Gestern fehlten noch vier Papstwähler. Seitdem seien mehrere angekommen, so Bruni. Der bosnische Kardinal, Vinko Puljic wird Anfang kommender Woche in Rom erwartet. Der 79-Jährige hatte zunächst angekündigt, dass er aus gesundheitlichen Gründen nicht an der Wahl teilnehmen werde. Mittlerweile hätten seine Ärzte grünes Licht gegeben, wird er in Medien zitiert. Es wird angenommen, dass er aber nicht zu den Wahlgängen in die Sixtinische Kapelle wird kommen können, sondern, wie von der Konklaveordnung vorgesehen, drei Kardinäle ausgelost werden, die seinen Stimmzettel jeweils im Gästehaus Santa Marta abholen werden. Das könnte zu einer Verzögerung bei den Wahlgängen führen. Nähere Angaben zum Prozedere machte der Vatikan bisher nicht.
Vorbereitungen fast abgeschlossen
Am Sonntag feiern viele Kardinäle in ihren Titelkirchen in und um Rom herum Gottesdienste. Am Montag sollen die Vorbereitungen in den Gästehäusern Santa Marta und Alt-Santa Marta abgeschlossen sein. Sie seien auch dazu genutzt worden, um einige grundsätzliche Renovierungsarbeiten durchzuführen, erklärte Vatikansprecher Bruni. Für das Konklave müssen auch die Kleriker ihre kleinen Appartements in Santa Marta räumen, die wie Papst Franziskus dauerhaft im Gästehaus wohnen. Wann die Zimmer zugelost werden, ist bisher nicht bekannt. Die Kardinäle werden ab Dienstagabend bis spätestens am Mittwochmorgen vor dem Konklave-Gottesdienst dort einziehen.
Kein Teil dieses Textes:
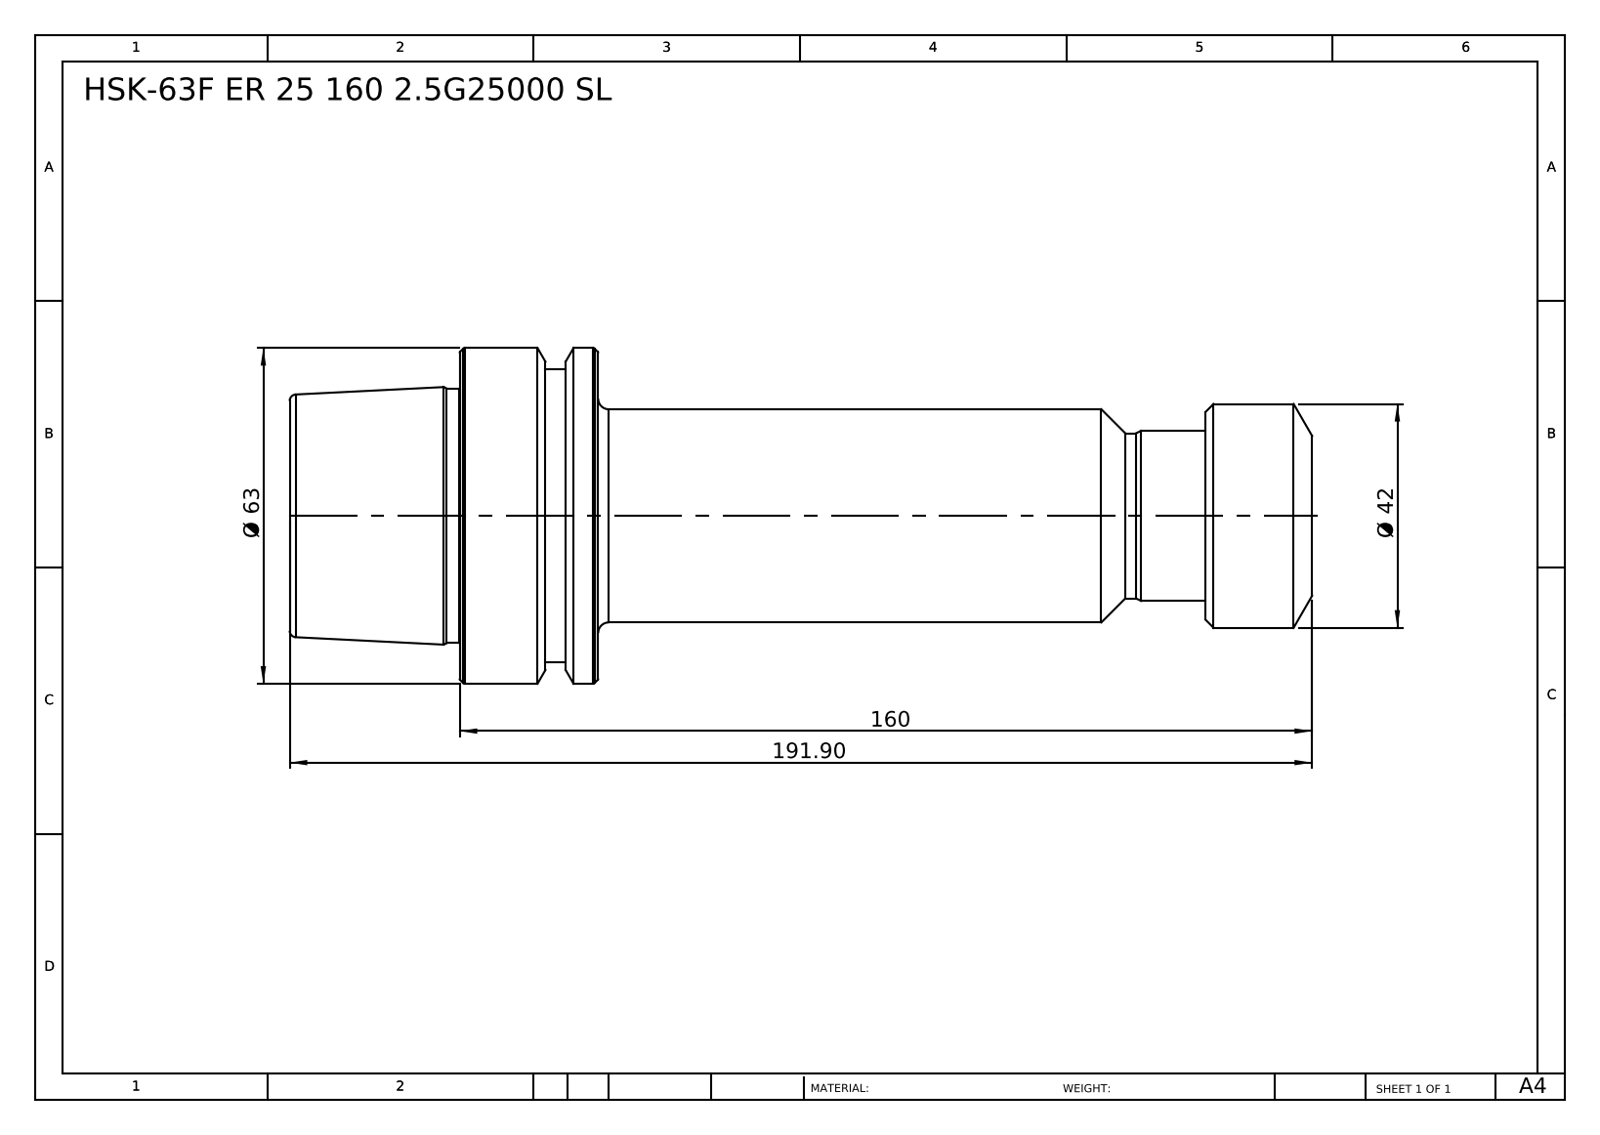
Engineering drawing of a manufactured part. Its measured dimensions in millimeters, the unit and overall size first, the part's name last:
Units: millimetres
Overall size (bounding box): 191.9 × 63 × 63
Round bosses / shafts (diameter × count): ⌀63 ×1, ⌀55 ×1, ⌀47.78 ×1, ⌀42 ×1, ⌀40 ×1, ⌀31.9 ×1, ⌀31 ×1
Main face-to-face distances: 57.9, 26, 31.9, 134, 160, 191.9, 20, 114, 140, 171.9
Volume: 294 086 mm³ · Surface area: 33 513 mm²
Bodies: 1 solid, 59 faces (7 planar, 16 cylindrical, 36 other)
Part name (STEP PRODUCT): HSK-A 63 ER 25 160 6.3G 20000 SL
STEP written by: SolidWorks 2014 (CONFIG_CONTROL_DESIGN)
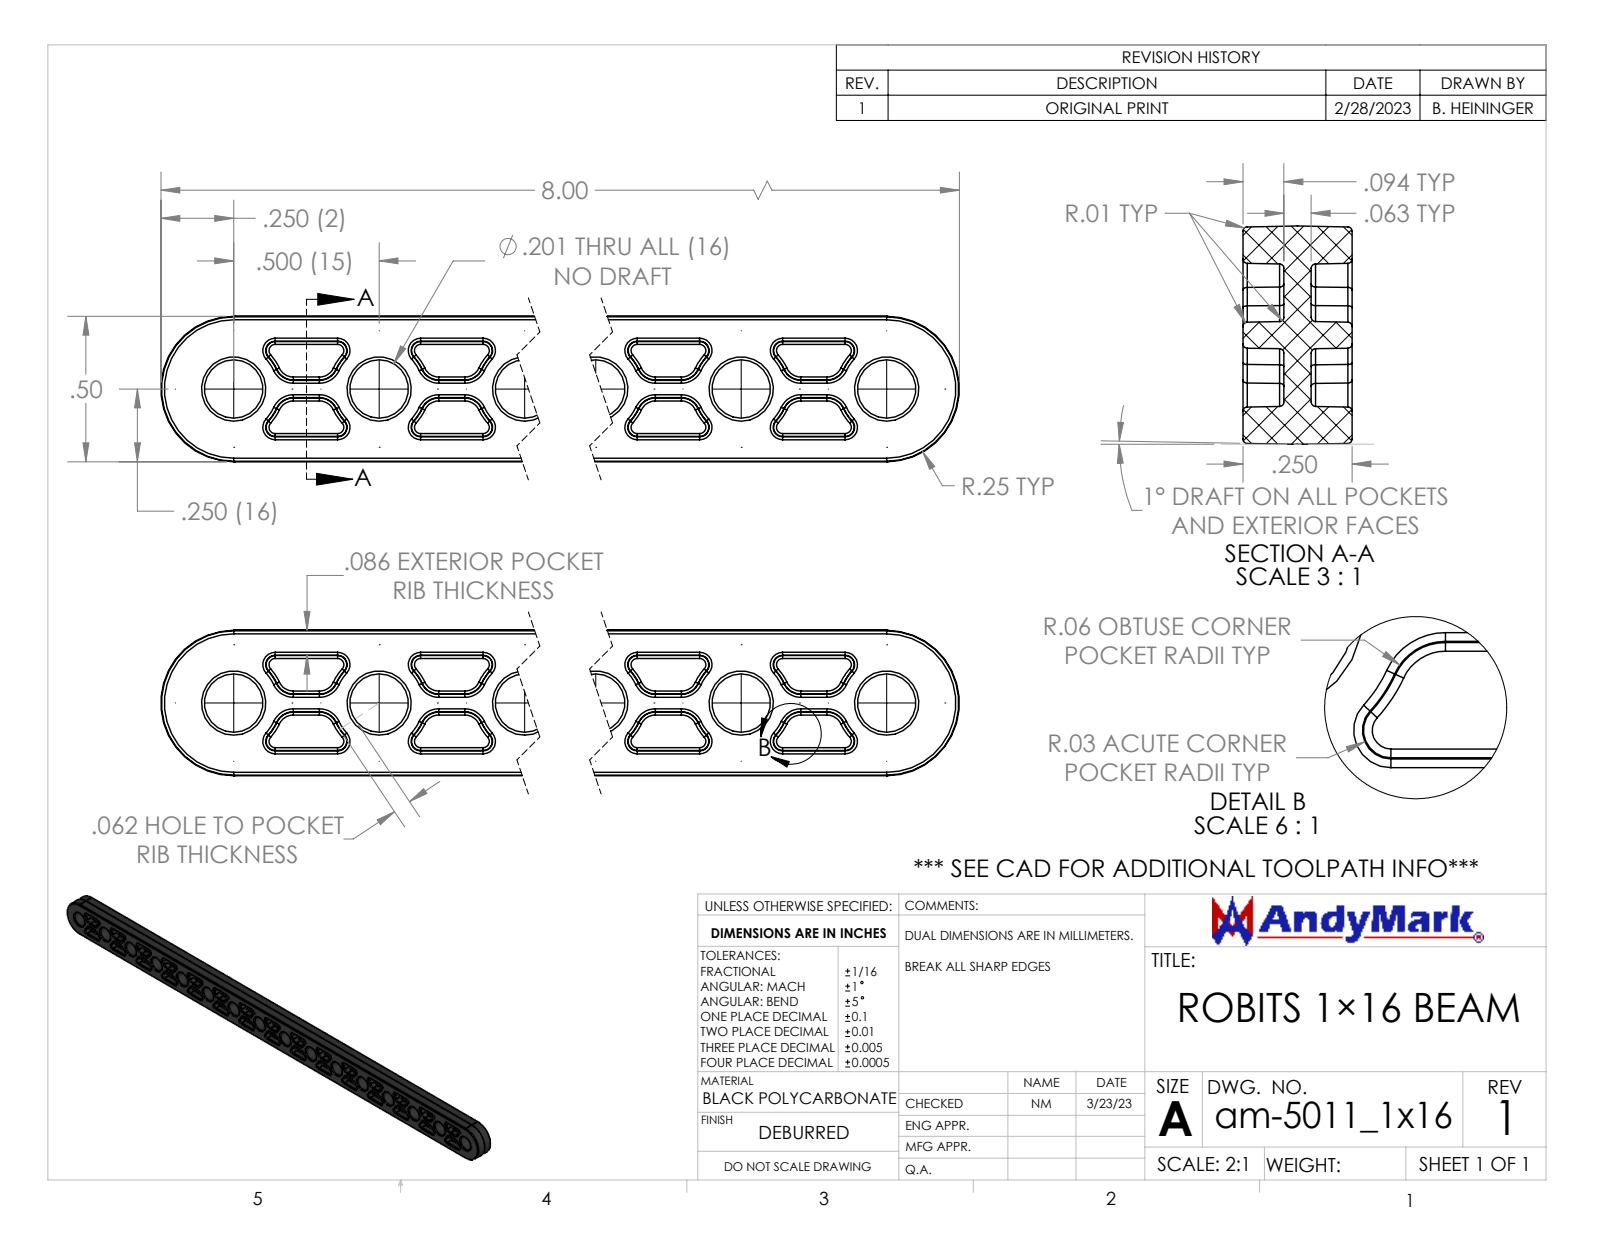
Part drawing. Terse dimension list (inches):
name: am-5011_1x16 RoBits 1×16 Beam
written by: SolidWorks 2022 (AUTOMOTIVE_DESIGN)
unit: in
bodies: 1 solid, 1618 faces (186 planar, 279 cylindrical, 1153 other)
size: 8 × 0.5 × 0.25
volume: 0.682 in³; area: 16.78 in²
holes: 16× ⌀0.201
rounds: 22× R0.01, 1× R0.163
face distances: 0.25, 0.5, 0.094, 0.156, 0.087, 0.413, 0.062, 0.325, 0.218, 0.282
hole spacings: 0.5, 1, 1.5, 2, 2.5, 3, 3.5, 4

Auch vier Tage vor Beginn des Konklaves bleibt die Situation unübersichtlich. Es sind nicht nur drei oder vier Namen, die genannt werden, sondern unzählige. Eine völlige Abkehr vom Kurs von Papst Franziskus scheint nicht bevorzustehen. Doch ist an vielen Stellen zu hören in Gesprächen mit Kardinälen und unter Journalisten, dass es eine Konsolidierung dieses Kurses brauche. Die große Frage ist, wer diese Aufgabe übernehmen kann, zugleich eine prophetische Figur ist und nebenbei auch noch die Römische Kurie zu führen vermag.